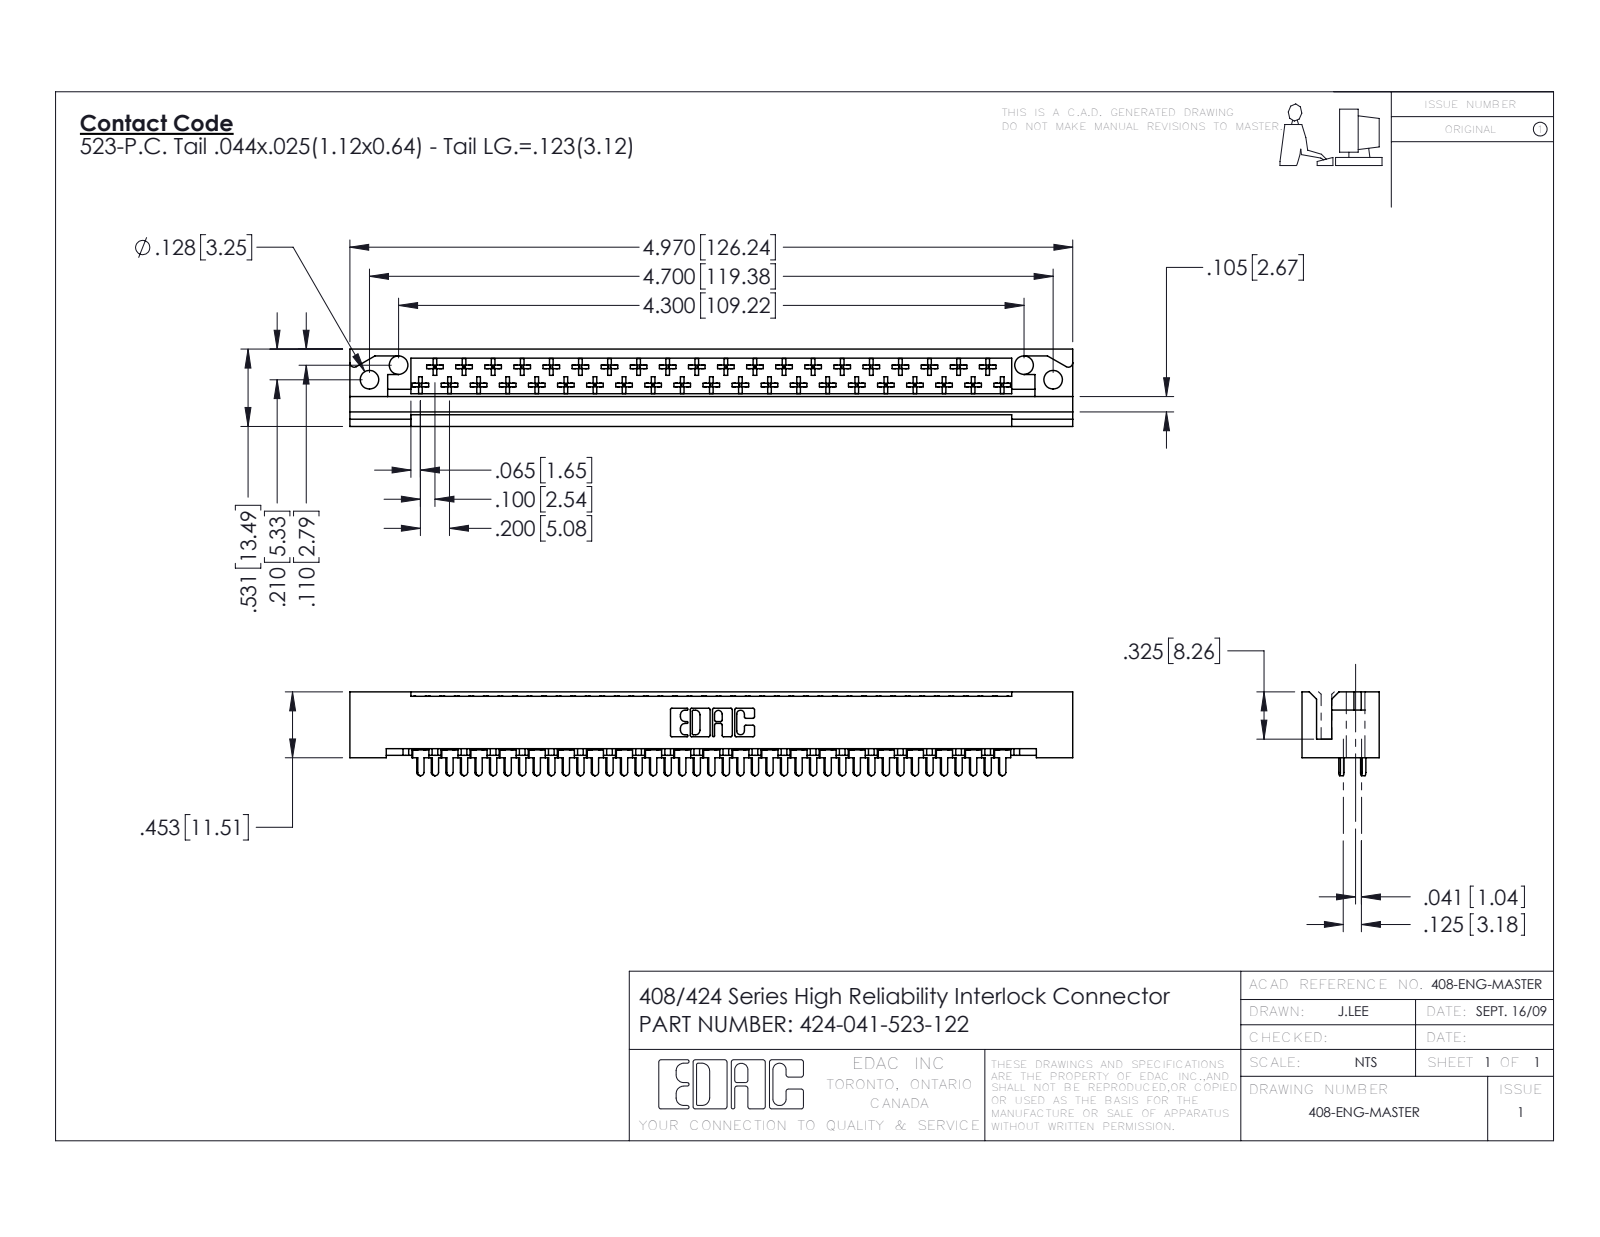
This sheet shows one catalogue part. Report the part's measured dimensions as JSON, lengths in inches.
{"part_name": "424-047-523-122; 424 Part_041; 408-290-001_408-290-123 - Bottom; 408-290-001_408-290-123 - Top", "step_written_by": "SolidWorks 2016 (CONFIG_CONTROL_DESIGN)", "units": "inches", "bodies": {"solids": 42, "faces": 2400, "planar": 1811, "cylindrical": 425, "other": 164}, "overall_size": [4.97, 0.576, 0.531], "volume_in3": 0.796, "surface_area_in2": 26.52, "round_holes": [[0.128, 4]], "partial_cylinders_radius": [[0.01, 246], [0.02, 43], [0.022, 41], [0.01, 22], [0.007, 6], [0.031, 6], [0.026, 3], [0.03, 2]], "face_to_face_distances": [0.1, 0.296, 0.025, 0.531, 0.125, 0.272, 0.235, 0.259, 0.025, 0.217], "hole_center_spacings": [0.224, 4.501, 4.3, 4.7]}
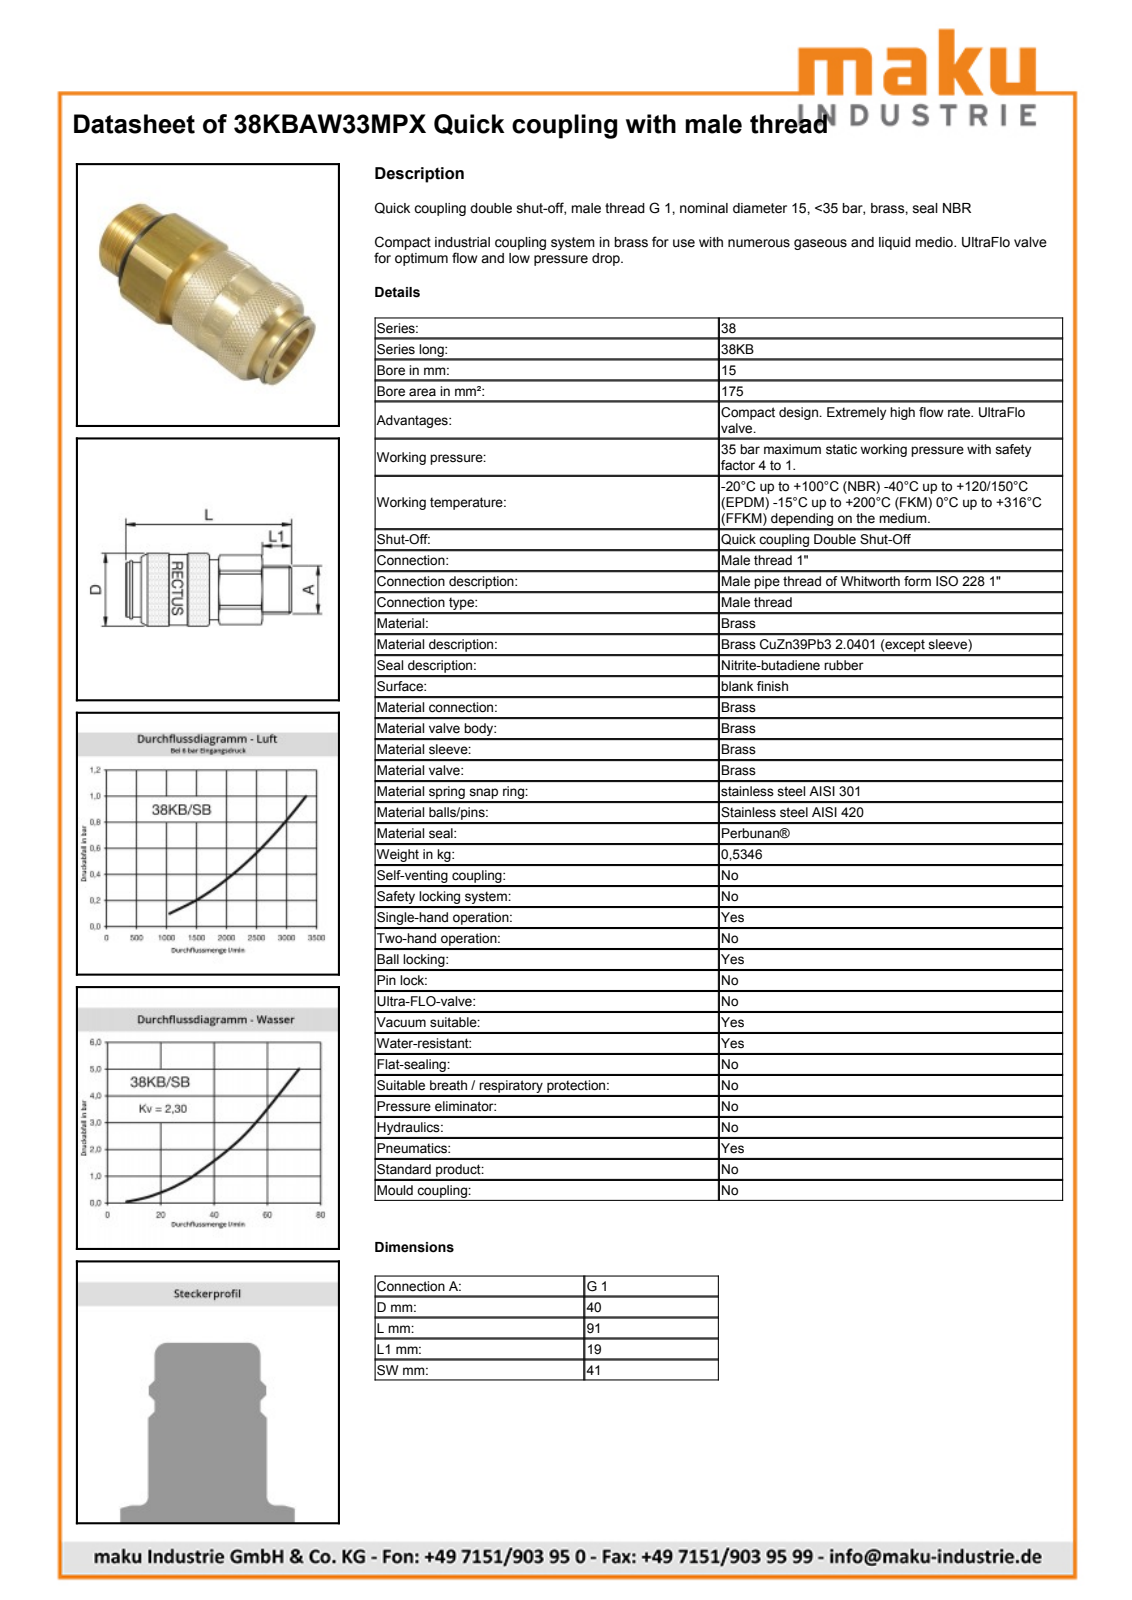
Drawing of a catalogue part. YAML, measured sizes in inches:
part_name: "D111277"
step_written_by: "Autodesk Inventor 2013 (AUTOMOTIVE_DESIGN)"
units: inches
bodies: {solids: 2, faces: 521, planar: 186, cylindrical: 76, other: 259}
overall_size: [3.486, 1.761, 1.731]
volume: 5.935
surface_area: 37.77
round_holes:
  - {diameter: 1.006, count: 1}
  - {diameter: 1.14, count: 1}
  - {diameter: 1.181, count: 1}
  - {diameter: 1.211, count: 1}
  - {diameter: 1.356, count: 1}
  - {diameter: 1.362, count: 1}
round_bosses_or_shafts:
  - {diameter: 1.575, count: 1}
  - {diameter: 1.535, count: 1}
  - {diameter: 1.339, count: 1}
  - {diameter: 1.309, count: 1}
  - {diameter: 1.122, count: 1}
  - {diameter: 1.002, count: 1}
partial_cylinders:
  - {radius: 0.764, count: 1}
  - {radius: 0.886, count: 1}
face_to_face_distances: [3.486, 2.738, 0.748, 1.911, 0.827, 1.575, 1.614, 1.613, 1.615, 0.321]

==

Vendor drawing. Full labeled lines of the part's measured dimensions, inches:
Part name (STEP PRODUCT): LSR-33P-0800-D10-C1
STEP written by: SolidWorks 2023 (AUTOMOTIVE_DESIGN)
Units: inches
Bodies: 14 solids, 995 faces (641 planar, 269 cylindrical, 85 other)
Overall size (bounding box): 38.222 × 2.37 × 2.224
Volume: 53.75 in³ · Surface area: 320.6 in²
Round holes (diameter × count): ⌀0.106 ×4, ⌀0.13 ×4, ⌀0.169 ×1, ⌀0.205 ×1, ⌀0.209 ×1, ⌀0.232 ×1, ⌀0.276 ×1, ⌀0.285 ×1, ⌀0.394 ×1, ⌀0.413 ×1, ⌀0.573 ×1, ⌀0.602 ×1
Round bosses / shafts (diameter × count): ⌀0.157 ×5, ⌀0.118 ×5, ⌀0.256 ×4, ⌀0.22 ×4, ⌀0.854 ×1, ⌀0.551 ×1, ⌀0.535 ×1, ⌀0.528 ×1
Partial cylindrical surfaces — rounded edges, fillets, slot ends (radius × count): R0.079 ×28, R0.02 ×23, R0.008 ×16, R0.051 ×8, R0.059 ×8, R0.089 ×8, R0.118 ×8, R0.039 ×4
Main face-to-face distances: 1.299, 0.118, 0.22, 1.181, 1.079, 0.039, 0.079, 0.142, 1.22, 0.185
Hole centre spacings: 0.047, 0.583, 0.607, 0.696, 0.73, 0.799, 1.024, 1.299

▸ WORK REQUIRED
Sift through the entries and copy every line with "measured".

▸ REPLY
This sheet shows one catalogue part. Report the part's measured dimensions as JSON, lengths in inches.
Drawing of a catalogue part. YAML, measured sizes in inches:
Vendor drawing. Full labeled lines of the part's measured dimensions, inches:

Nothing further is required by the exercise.